It was prefiously made by Vioulus guy. But he changed his site recently so it is no longer there. The app I mention he did is named PillowFort. It is still availalbe.
Anyway, this guy never destoryed original procedure like you. He just added jmp at the top of the original func, but I think he executes the overwriten code at the end of his rediretion function. When he returns, the original function just continues... I don't remember this very well, maybe Iam wrong about something.
Google for "violus.com Redirections" and you will see this guy even made a class for this. To bad it isn't cashed.
Your thread problem is indeed nasty. Thread2 has not crit section so it will call garbaged function. This can be fixed with dissasembler like I explained you so Thread2 will call your function as you don't have to do stuff you do now in CS.
Why do you care. Your dll will be loaded at any adress. Then it finds out address of RegisterClass function and patch it in address space of that process. If you put replacement func in the dll itself, its adress will be valid for host process only.But there's no way to ensure that my dll will get the same address in all processes.
Acctually for particular function you don't need desasm at all, as you can detect its start manuely. U can suppose that WinProc has the same start for every TC version. Violus did so for OpenSocket function. He detects OS version and patch the function with 2 or 3 different codes depending on the version. The desasm is needed for creating universal solution.

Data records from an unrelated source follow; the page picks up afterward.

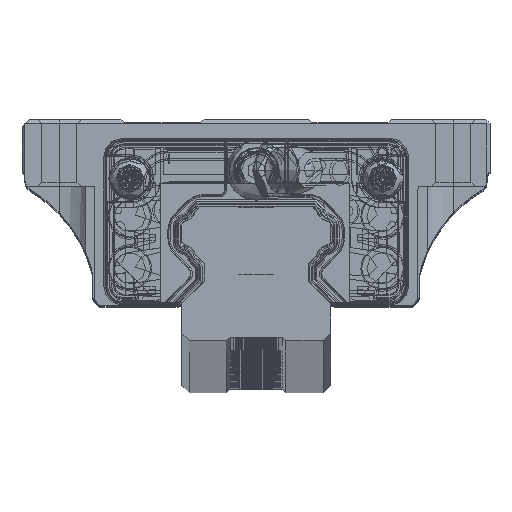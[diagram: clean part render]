
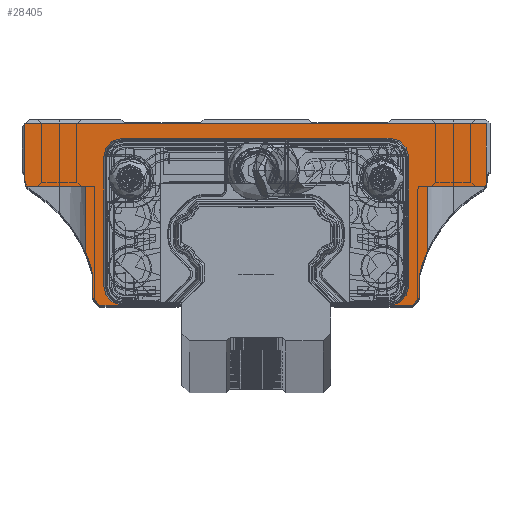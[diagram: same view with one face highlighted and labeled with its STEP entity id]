
A CAD part, top view. The second image highlights one B-rep face of the part: STEP entity #28405.
In plain terms, the highlighted planar face has unit normal (0, 0, 1).
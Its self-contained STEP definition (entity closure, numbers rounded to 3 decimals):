
#14114=DIRECTION('',(0.,-1.,0.));
#14115=VECTOR('',#14114,0.8);
#14116=CARTESIAN_POINT('',(-31.1,8.1,24.4));
#14117=LINE('',#14116,#14115);
#14134=CARTESIAN_POINT('',(18.,10.45,24.4));
#14135=DIRECTION('',(0.,0.,1.));
#14136=DIRECTION('',(1.,0.,0.));
#14137=AXIS2_PLACEMENT_3D('',#14134,#14135,#14136);
#14139=CARTESIAN_POINT('',(-18.,10.45,24.4));
#14140=DIRECTION('',(0.,0.,1.));
#14141=DIRECTION('',(0.,1.,0.));
#14142=AXIS2_PLACEMENT_3D('',#14139,#14140,#14141);
#14144=CARTESIAN_POINT('',(-18.,-7.,24.4));
#14145=DIRECTION('',(0.,0.,1.));
#14146=DIRECTION('',(-1.,0.,0.));
#14147=AXIS2_PLACEMENT_3D('',#14144,#14145,#14146);
#14149=DIRECTION('',(-1.,0.,0.));
#14150=VECTOR('',#14149,3.025);
#14151=CARTESIAN_POINT('',(-18.,-9.5,24.4));
#14152=LINE('',#14151,#14150);
#14153=DIRECTION('',(-0.707,0.707,0.));
#14154=VECTOR('',#14153,1.414);
#14155=CARTESIAN_POINT('',(-21.025,-9.5,24.4));
#14156=LINE('',#14155,#14154);
#14157=DIRECTION('',(0.,1.,0.));
#14158=VECTOR('',#14157,3.316);
#14159=CARTESIAN_POINT('',(-22.025,-8.5,24.4));
#14160=LINE('',#14159,#14158);
#14161=CARTESIAN_POINT('',(-39.5,-9.5,24.4));
#14162=DIRECTION('',(0.,0.,1.));
#14163=DIRECTION('',(0.971,0.24,0.));
#14164=AXIS2_PLACEMENT_3D('',#14161,#14162,#14163);
#14166=DIRECTION('',(0.,1.,0.));
#14167=VECTOR('',#14166,8.806);
#14168=CARTESIAN_POINT('',(-23.,-2.306,24.4));
#14169=LINE('',#14168,#14167);
#14170=DIRECTION('',(-1.,0.,0.));
#14171=VECTOR('',#14170,7.869);
#14172=CARTESIAN_POINT('',(-23.,6.5,24.4));
#14173=LINE('',#14172,#14171);
#14174=CARTESIAN_POINT('',(-29.6,7.3,24.4));
#14175=DIRECTION('',(0.,0.,-1.));
#14176=DIRECTION('',(-0.846,-0.533,0.));
#14177=AXIS2_PLACEMENT_3D('',#14174,#14175,#14176);
#14179=DIRECTION('',(-0.707,0.707,0.));
#14180=VECTOR('',#14179,0.141);
#14181=CARTESIAN_POINT('',(-31.1,8.1,24.4));
#14182=LINE('',#14181,#14180);
#14183=DIRECTION('',(0.,1.,0.));
#14184=VECTOR('',#14183,6.6);
#14185=CARTESIAN_POINT('',(-31.2,8.2,24.4));
#14186=LINE('',#14185,#14184);
#14187=DIRECTION('',(0.707,0.707,0.));
#14188=VECTOR('',#14187,0.141);
#14189=CARTESIAN_POINT('',(-31.2,14.8,24.4));
#14190=LINE('',#14189,#14188);
#14191=DIRECTION('',(1.,0.,0.));
#14192=VECTOR('',#14191,62.05);
#14193=CARTESIAN_POINT('',(-31.1,14.9,24.4));
#14194=LINE('',#14193,#14192);
#14195=DIRECTION('',(0.,-1.,0.));
#14196=VECTOR('',#14195,8.168);
#14197=CARTESIAN_POINT('',(30.95,14.9,24.4));
#14198=LINE('',#14197,#14196);
#14199=CARTESIAN_POINT('',(29.55,7.27,24.4));
#14200=DIRECTION('',(0.,0.,-1.));
#14201=DIRECTION('',(0.933,-0.359,0.));
#14202=AXIS2_PLACEMENT_3D('',#14199,#14200,#14201);
#14204=DIRECTION('',(-1.,0.,0.));
#14205=VECTOR('',#14204,7.837);
#14206=CARTESIAN_POINT('',(30.837,6.5,24.4));
#14207=LINE('',#14206,#14205);
#14208=DIRECTION('',(0.,-1.,0.));
#14209=VECTOR('',#14208,8.806);
#14210=CARTESIAN_POINT('',(23.,6.5,24.4));
#14211=LINE('',#14210,#14209);
#14212=CARTESIAN_POINT('',(39.5,-9.5,24.4));
#14213=DIRECTION('',(0.,0.,1.));
#14214=DIRECTION('',(-0.917,0.4,0.));
#14215=AXIS2_PLACEMENT_3D('',#14212,#14213,#14214);
#14217=DIRECTION('',(0.,-1.,0.));
#14218=VECTOR('',#14217,3.316);
#14219=CARTESIAN_POINT('',(22.025,-5.184,24.4));
#14220=LINE('',#14219,#14218);
#14221=DIRECTION('',(-0.707,-0.707,0.));
#14222=VECTOR('',#14221,1.414);
#14223=CARTESIAN_POINT('',(22.025,-8.5,24.4));
#14224=LINE('',#14223,#14222);
#14225=DIRECTION('',(-1.,0.,0.));
#14226=VECTOR('',#14225,3.025);
#14227=CARTESIAN_POINT('',(21.025,-9.5,24.4));
#14228=LINE('',#14227,#14226);
#14229=CARTESIAN_POINT('',(18.,-7.,24.4));
#14230=DIRECTION('',(0.,0.,1.));
#14231=DIRECTION('',(0.,-1.,0.));
#14232=AXIS2_PLACEMENT_3D('',#14229,#14230,#14231);
#14234=DIRECTION('',(0.,1.,0.));
#14235=VECTOR('',#14234,17.45);
#14236=CARTESIAN_POINT('',(20.5,-7.,24.4));
#14237=LINE('',#14236,#14235);
#14258=DIRECTION('',(1.,0.,0.));
#14259=VECTOR('',#14258,36.);
#14260=CARTESIAN_POINT('',(-18.,12.95,24.4));
#14261=LINE('',#14260,#14259);
#14270=DIRECTION('',(0.,1.,0.));
#14271=VECTOR('',#14270,17.45);
#14272=CARTESIAN_POINT('',(-20.5,-7.,24.4));
#14273=LINE('',#14272,#14271);
#23248=CARTESIAN_POINT('',(-21.025,-9.5,24.4));
#23249=VERTEX_POINT('',#23248);
#23250=CARTESIAN_POINT('',(-18.,-9.5,24.4));
#23251=VERTEX_POINT('',#23250);
#23254=CARTESIAN_POINT('',(-22.025,-8.5,24.4));
#23256=VERTEX_POINT('',#23254);
#23263=CARTESIAN_POINT('',(-22.025,-5.184,24.4));
#23265=VERTEX_POINT('',#23263);
#23268=CARTESIAN_POINT('',(-23.,-2.306,24.4));
#23269=VERTEX_POINT('',#23268);
#23301=CARTESIAN_POINT('',(-31.1,7.3,24.4));
#23302=VERTEX_POINT('',#23301);
#23303=CARTESIAN_POINT('',(-30.869,6.5,24.4));
#23304=VERTEX_POINT('',#23303);
#23305=CARTESIAN_POINT('',(-31.1,8.1,24.4));
#23306=VERTEX_POINT('',#23305);
#23308=CARTESIAN_POINT('',(-31.2,8.2,24.4));
#23310=VERTEX_POINT('',#23308);
#23313=CARTESIAN_POINT('',(-31.2,14.8,24.4));
#23314=VERTEX_POINT('',#23313);
#23317=CARTESIAN_POINT('',(20.5,10.45,24.4));
#23318=CARTESIAN_POINT('',(18.,12.95,24.4));
#23319=VERTEX_POINT('',#23317);
#23320=VERTEX_POINT('',#23318);
#23321=CARTESIAN_POINT('',(-18.,12.95,24.4));
#23322=VERTEX_POINT('',#23321);
#23323=CARTESIAN_POINT('',(-20.5,10.45,24.4));
#23324=VERTEX_POINT('',#23323);
#23325=CARTESIAN_POINT('',(-20.5,-7.,24.4));
#23326=VERTEX_POINT('',#23325);
#23327=CARTESIAN_POINT('',(-23.,6.5,24.4));
#23328=VERTEX_POINT('',#23327);
#23329=CARTESIAN_POINT('',(-31.1,14.9,24.4));
#23330=VERTEX_POINT('',#23329);
#23331=CARTESIAN_POINT('',(30.95,14.9,24.4));
#23332=VERTEX_POINT('',#23331);
#23333=CARTESIAN_POINT('',(30.95,6.732,24.4));
#23334=VERTEX_POINT('',#23333);
#23335=CARTESIAN_POINT('',(30.837,6.5,24.4));
#23336=VERTEX_POINT('',#23335);
#23337=CARTESIAN_POINT('',(23.,6.5,24.4));
#23338=VERTEX_POINT('',#23337);
#23339=CARTESIAN_POINT('',(23.,-2.306,24.4));
#23340=VERTEX_POINT('',#23339);
#23341=CARTESIAN_POINT('',(22.025,-5.184,24.4));
#23342=VERTEX_POINT('',#23341);
#23343=CARTESIAN_POINT('',(22.025,-8.5,24.4));
#23344=VERTEX_POINT('',#23343);
#23345=CARTESIAN_POINT('',(21.025,-9.5,24.4));
#23346=VERTEX_POINT('',#23345);
#23347=CARTESIAN_POINT('',(18.,-9.5,24.4));
#23348=VERTEX_POINT('',#23347);
#23349=CARTESIAN_POINT('',(20.5,-7.,24.4));
#23350=VERTEX_POINT('',#23349);
#28353=CARTESIAN_POINT('',(0.,0.,24.4));
#28354=DIRECTION('',(0.,0.,1.));
#28355=DIRECTION('',(1.,0.,0.));
#28356=AXIS2_PLACEMENT_3D('',#28353,#28354,#28355);
#28357=PLANE('',#28356);
#28359=ORIENTED_EDGE('',*,*,#28358,.T.);
#28361=ORIENTED_EDGE('',*,*,#28360,.F.);
#28363=ORIENTED_EDGE('',*,*,#28362,.T.);
#28365=ORIENTED_EDGE('',*,*,#28364,.F.);
#28367=ORIENTED_EDGE('',*,*,#28366,.T.);
#28368=ORIENTED_EDGE('',*,*,#28077,.T.);
#28369=ORIENTED_EDGE('',*,*,#28093,.T.);
#28370=ORIENTED_EDGE('',*,*,#28115,.T.);
#28371=ORIENTED_EDGE('',*,*,#28133,.T.);
#28373=ORIENTED_EDGE('',*,*,#28372,.T.);
#28375=ORIENTED_EDGE('',*,*,#28374,.T.);
#28376=ORIENTED_EDGE('',*,*,#28295,.T.);
#28377=ORIENTED_EDGE('',*,*,#28313,.F.);
#28378=ORIENTED_EDGE('',*,*,#28327,.T.);
#28379=ORIENTED_EDGE('',*,*,#28343,.T.);
#28381=ORIENTED_EDGE('',*,*,#28380,.T.);
#28383=ORIENTED_EDGE('',*,*,#28382,.T.);
#28385=ORIENTED_EDGE('',*,*,#28384,.T.);
#28387=ORIENTED_EDGE('',*,*,#28386,.T.);
#28389=ORIENTED_EDGE('',*,*,#28388,.T.);
#28391=ORIENTED_EDGE('',*,*,#28390,.T.);
#28393=ORIENTED_EDGE('',*,*,#28392,.T.);
#28395=ORIENTED_EDGE('',*,*,#28394,.T.);
#28397=ORIENTED_EDGE('',*,*,#28396,.T.);
#28398=ORIENTED_EDGE('',*,*,#27927,.T.);
#28400=ORIENTED_EDGE('',*,*,#28399,.T.);
#28402=ORIENTED_EDGE('',*,*,#28401,.T.);
#28403=EDGE_LOOP('',(#28359,#28361,#28363,#28365,#28367,#28368,#28369,#28370,
#28371,#28373,#28375,#28376,#28377,#28378,#28379,#28381,#28383,#28385,#28387,
#28389,#28391,#28393,#28395,#28397,#28398,#28400,#28402));
#28404=FACE_OUTER_BOUND('',#28403,.F.);
#14138=CIRCLE('',#14137,2.5);
#14143=CIRCLE('',#14142,2.5);
#14148=CIRCLE('',#14147,2.5);
#14165=CIRCLE('',#14164,18.);
#14178=CIRCLE('',#14177,1.5);
#14203=CIRCLE('',#14202,1.5);
#14216=CIRCLE('',#14215,18.);
#14233=CIRCLE('',#14232,2.5);
#27927=EDGE_CURVE('',#23346,#23348,#14228,.T.);
#28077=EDGE_CURVE('',#23251,#23249,#14152,.T.);
#28093=EDGE_CURVE('',#23249,#23256,#14156,.T.);
#28115=EDGE_CURVE('',#23256,#23265,#14160,.T.);
#28133=EDGE_CURVE('',#23265,#23269,#14165,.T.);
#28295=EDGE_CURVE('',#23304,#23302,#14178,.T.);
#28313=EDGE_CURVE('',#23306,#23302,#14117,.T.);
#28327=EDGE_CURVE('',#23306,#23310,#14182,.T.);
#28343=EDGE_CURVE('',#23310,#23314,#14186,.T.);
#28358=EDGE_CURVE('',#23319,#23320,#14138,.T.);
#28360=EDGE_CURVE('',#23322,#23320,#14261,.T.);
#28362=EDGE_CURVE('',#23322,#23324,#14143,.T.);
#28364=EDGE_CURVE('',#23326,#23324,#14273,.T.);
#28366=EDGE_CURVE('',#23326,#23251,#14148,.T.);
#28372=EDGE_CURVE('',#23269,#23328,#14169,.T.);
#28374=EDGE_CURVE('',#23328,#23304,#14173,.T.);
#28380=EDGE_CURVE('',#23314,#23330,#14190,.T.);
#28382=EDGE_CURVE('',#23330,#23332,#14194,.T.);
#28384=EDGE_CURVE('',#23332,#23334,#14198,.T.);
#28386=EDGE_CURVE('',#23334,#23336,#14203,.T.);
#28388=EDGE_CURVE('',#23336,#23338,#14207,.T.);
#28390=EDGE_CURVE('',#23338,#23340,#14211,.T.);
#28392=EDGE_CURVE('',#23340,#23342,#14216,.T.);
#28394=EDGE_CURVE('',#23342,#23344,#14220,.T.);
#28396=EDGE_CURVE('',#23344,#23346,#14224,.T.);
#28399=EDGE_CURVE('',#23348,#23350,#14233,.T.);
#28401=EDGE_CURVE('',#23350,#23319,#14237,.T.);
#28405=ADVANCED_FACE('',(#28404),#28357,.T.);

Maybe you can try this open-mind solutin:
When you enter critical section, make priority of your tread Real Time so nothing can enter the scene until you finish your cole. Then restore thread priority to normal. Perhaps there is some other way to make trhead un-interuptable by other process threads. Furthermore, perhaps there is a way to make threads non interuptible once they enter crit section so other threads, even those not knowing about crit section can not interupt it.